# [Work required]
Search the data for the word "element" and copy out every line that has it.

(Records excerpted from a collection)
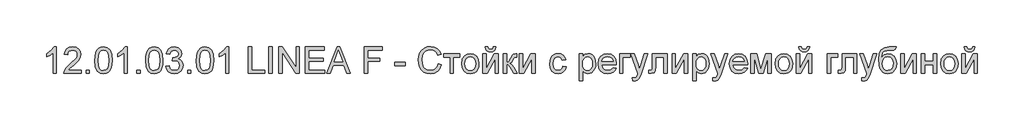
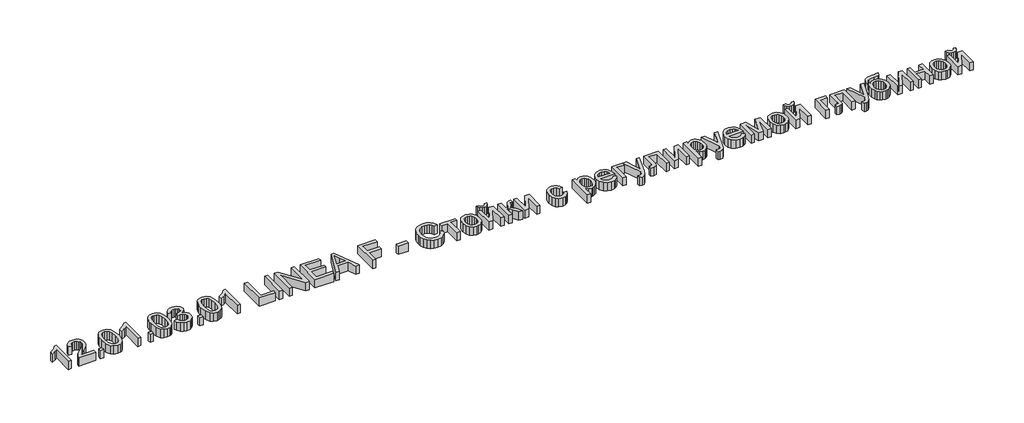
# One storey, part 6 of 9: 1 proxy.
"""IFC4 building model written with IfcOpenShell, lengths in millimetres."""

from ifc_helpers import new_model, si_unit, origin, origin_with_axes, place, context, project, spatial, polyline, outline, extrude, element, save

model = new_model("IFC4")

# Units and contexts
model_context = context("Model", 3, world=origin())
ifc_project = project(units=[si_unit("LENGTHUNIT", "METRE", prefix="MILLI")], contexts=[model_context])

# Site, building, storey
site = spatial("IfcSite", under=ifc_project)
building = spatial("IfcBuilding", under=site)
storey = spatial("IfcBuildingStorey", under=building, Name="Уровень 1", Elevation=0.0)

# Proxy
placement = place(None, origin())
element("IfcBuildingElementProxy", 1, Name="Надпись на модели 1", ObjectType="Надпись на модели 1", at=placement, inside=storey, context=model_context, shape_type="SweptSolid", body=[
    extrude(outline(polyline([(-45259.6762415, -17347.5177415), (-45278.13778, -17347.5177415), (-45278.13778, -17232.4215877), (-45295.6257608, -17244.8795203), (-45315.0608569, -17254.2004338), (-45315.0608569, -17236.7485107), (-45287.9995588, -17219.4768761), (-45271.57528, -17199.8254338), (-45259.6762415, -17199.8254338), (-45259.6762415, -17347.5177415)])), origin_with_axes(), (0.0, 0.0, 1.0), 50.0),
    extrude(outline(polyline([(-45121.2147031, -17329.056203), (-45121.2147031, -17347.5177415), (-45218.13778, -17347.5177415), (-45216.1546069, -17334.7893761), (-45204.9406646, -17315.1920203), (-45181.8276838, -17293.79178), (-45149.9526838, -17263.0345684), (-45143.9761213, -17252.4336069), (-45141.9839338, -17242.1211069), (-45143.8634411, -17232.876816), (-45149.5019627, -17225.1920203), (-45158.1693305, -17220.0132343), (-45169.1353762, -17218.2869723), (-45180.6513016, -17219.9726694), (-45189.5981165, -17225.0297607), (-45195.3718545, -17233.0616117), (-45197.3685492, -17243.6715877), (-45215.8300877, -17241.3638953), (-45211.3544266, -17223.5063232), (-45201.6774435, -17210.462453), (-45187.3039459, -17202.4846886), (-45168.7387415, -17199.8254338), (-45150.0383209, -17202.7821646), (-45135.6918665, -17211.6523569), (-45126.5647632, -17224.9035588), (-45123.5223954, -17241.0033184), (-45126.8036454, -17258.509328), (-45137.7110973, -17276.6102896), (-45164.1594146, -17301.9047607), (-45185.3973954, -17319.6631742), (-45193.7267223, -17329.056203), (-45121.2147031, -17329.056203)])), origin_with_axes(), (0.0, 0.0, 1.0), 50.0),
    extrude(outline(polyline([(-45093.5223954, -17347.5177415), (-45093.5223954, -17329.056203), (-45075.0608569, -17329.056203), (-45075.0608569, -17347.5177415), (-45093.5223954, -17347.5177415)])), origin_with_axes(), (0.0, 0.0, 1.0), 50.0),
    extrude(outline(polyline([(-45045.0608569, -17274.8614915), (-45043.7041863, -17251.221167), (-45039.6341742, -17232.3675011), (-45032.8913858, -17218.0120324), (-45023.5163858, -17207.8662992), (-45011.4415661, -17201.8356502), (-44996.5993185, -17199.8254338), (-44975.0368185, -17204.5850492), (-44960.1449915, -17218.3050011), (-44951.4911454, -17240.1559627), (-44948.13778, -17274.8614915), (-44949.480929, -17298.3665997), (-44953.5103762, -17317.1751934), (-44960.2125997, -17331.5441838), (-44969.5740781, -17341.7304819), (-44981.6759411, -17347.8016958), (-44996.5993185, -17349.8254338), (-45015.7820108, -17346.3098088), (-45030.3493185, -17335.7629338), (-45041.3829723, -17310.7839675), (-45045.0608569, -17274.8614915)]), holes=[polyline([(-45026.5993185, -17274.8254338), (-45024.4358569, -17303.8653977), (-45017.9454723, -17320.6727896), (-45008.2820108, -17328.6911189), (-44996.5993185, -17331.3638953), (-44984.9166262, -17328.6821045), (-44975.2531646, -17320.6367319), (-44968.76278, -17303.8203256), (-44966.5993185, -17274.8254338), (-44968.6906646, -17246.4390155), (-44974.9647031, -17229.5009146), (-44984.6101358, -17221.0904578), (-44996.8156646, -17218.2869723), (-45008.372155, -17220.7569242), (-45017.6570108, -17228.16678), (-45024.3637415, -17246.1595684), (-45026.5993185, -17274.8254338)])]), origin_with_axes(), (0.0, 0.0, 1.0), 50.0),
    extrude(outline(polyline([(-44862.7531646, -17347.5177415), (-44881.2147031, -17347.5177415), (-44881.2147031, -17232.4215877), (-44898.7026838, -17244.8795203), (-44918.13778, -17254.2004338), (-44918.13778, -17236.7485107), (-44891.0764819, -17219.4768761), (-44874.6522031, -17199.8254338), (-44862.7531646, -17199.8254338), (-44862.7531646, -17347.5177415)])), origin_with_axes(), (0.0, 0.0, 1.0), 50.0),
    extrude(outline(polyline([(-44809.6762415, -17347.5177415), (-44809.6762415, -17329.056203), (-44791.2147031, -17329.056203), (-44791.2147031, -17347.5177415), (-44809.6762415, -17347.5177415)])), origin_with_axes(), (0.0, 0.0, 1.0), 50.0),
    extrude(outline(polyline([(-44761.2147031, -17274.8614915), (-44759.8580324, -17251.221167), (-44755.7880204, -17232.3675011), (-44749.0452319, -17218.0120324), (-44739.6702319, -17207.8662992), (-44727.5954122, -17201.8356502), (-44712.7531646, -17199.8254338), (-44691.1906646, -17204.5850492), (-44676.2988377, -17218.3050011), (-44667.6449915, -17240.1559627), (-44664.2916262, -17274.8614915), (-44665.6347752, -17298.3665997), (-44669.6642223, -17317.1751934), (-44676.3664459, -17331.5441838), (-44685.7279242, -17341.7304819), (-44697.8297872, -17347.8016958), (-44712.7531646, -17349.8254338), (-44731.9358569, -17346.3098088), (-44746.5031646, -17335.7629338), (-44757.5368185, -17310.7839675), (-44761.2147031, -17274.8614915)]), holes=[polyline([(-44742.7531646, -17274.8254338), (-44740.5897031, -17303.8653977), (-44734.0993185, -17320.6727896), (-44724.4358569, -17328.6911189), (-44712.7531646, -17331.3638953), (-44701.0704723, -17328.6821045), (-44691.4070108, -17320.6367319), (-44684.9166262, -17303.8203256), (-44682.7531646, -17274.8254338), (-44684.8445108, -17246.4390155), (-44691.1185492, -17229.5009146), (-44700.7639819, -17221.0904578), (-44712.9695108, -17218.2869723), (-44724.5260012, -17220.7569242), (-44733.8108569, -17228.16678), (-44740.5175877, -17246.1595684), (-44742.7531646, -17274.8254338)])]), origin_with_axes(), (0.0, 0.0, 1.0), 50.0),
    extrude(outline(polyline([(-44648.13778, -17308.2869723), (-44629.6762415, -17305.97928), (-44625.5431286, -17317.5808425), (-44619.4899435, -17325.4143761), (-44611.2192103, -17329.8765155), (-44600.4334531, -17331.3638953), (-44587.7772031, -17329.3176213), (-44578.0055685, -17323.1787992), (-44571.7585733, -17314.0201453), (-44569.6762415, -17302.9143761), (-44571.7405444, -17292.3720083), (-44577.9334531, -17283.821828), (-44587.3084531, -17278.1562631), (-44598.91903, -17276.2677415), (-44611.8637415, -17278.2869723), (-44609.8084531, -17259.8254338), (-44606.8517223, -17260.04178), (-44585.9022031, -17254.7412992), (-44578.9250396, -17248.0165396), (-44576.5993185, -17238.4432223), (-44578.2850156, -17230.4699651), (-44583.3421069, -17224.0021165), (-44591.0584531, -17219.7157583), (-44600.7219146, -17218.2869723), (-44610.403405, -17219.72928), (-44618.3180685, -17224.056203), (-44624.0963137, -17231.2677415), (-44627.3685492, -17241.3638953), (-44645.8300877, -17239.056203), (-44640.3943906, -17222.478679), (-44630.7219146, -17210.1018761), (-44617.4887415, -17202.3945444), (-44601.3709531, -17199.8254338), (-44579.1053281, -17204.8915396), (-44563.528405, -17218.7376934), (-44558.13778, -17237.3614915), (-44563.2579723, -17254.3807223), (-44578.4022031, -17266.60428), (-44566.8457127, -17271.2737511), (-44558.2820108, -17279.2244723), (-44552.98153, -17290.0237511), (-44551.2147031, -17303.2388953), (-44554.7483569, -17321.2316838), (-44565.3493185, -17336.2677415), (-44581.3499194, -17346.4360107), (-44601.0824915, -17349.8254338), (-44618.9310492, -17346.931804), (-44633.4622992, -17338.2509146), (-44643.5674675, -17324.9726694), (-44648.13778, -17308.2869723)])), origin_with_axes(), (0.0, 0.0, 1.0), 50.0),
    extrude(outline(polyline([(-44525.8300877, -17347.5177415), (-44525.8300877, -17329.056203), (-44507.3685492, -17329.056203), (-44507.3685492, -17347.5177415), (-44525.8300877, -17347.5177415)])), origin_with_axes(), (0.0, 0.0, 1.0), 50.0),
    extrude(outline(polyline([(-44477.3685492, -17274.8614915), (-44476.0118786, -17251.221167), (-44471.9418665, -17232.3675011), (-44465.1990781, -17218.0120324), (-44455.8240781, -17207.8662992), (-44443.7492584, -17201.8356502), (-44428.9070108, -17199.8254338), (-44407.3445108, -17204.5850492), (-44392.4526838, -17218.3050011), (-44383.7988377, -17240.1559627), (-44380.4454723, -17274.8614915), (-44381.7886213, -17298.3665997), (-44385.8180685, -17317.1751934), (-44392.520292, -17331.5441838), (-44401.8817704, -17341.7304819), (-44413.9836334, -17347.8016958), (-44428.9070108, -17349.8254338), (-44448.0897031, -17346.3098088), (-44462.6570108, -17335.7629338), (-44473.6906646, -17310.7839675), (-44477.3685492, -17274.8614915)]), holes=[polyline([(-44458.9070108, -17274.8254338), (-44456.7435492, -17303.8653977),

# [Output of the task]
from ifc_helpers import new_model, si_unit, origin, origin_with_axes, place, context, project, spatial, polyline, outline, extrude, element, save
element("IfcBuildingElementProxy", 1, Name="Надпись на модели 1", ObjectType="Надпись на модели 1", at=placement, inside=storey, context=model_context, shape_type="SweptSolid", body=[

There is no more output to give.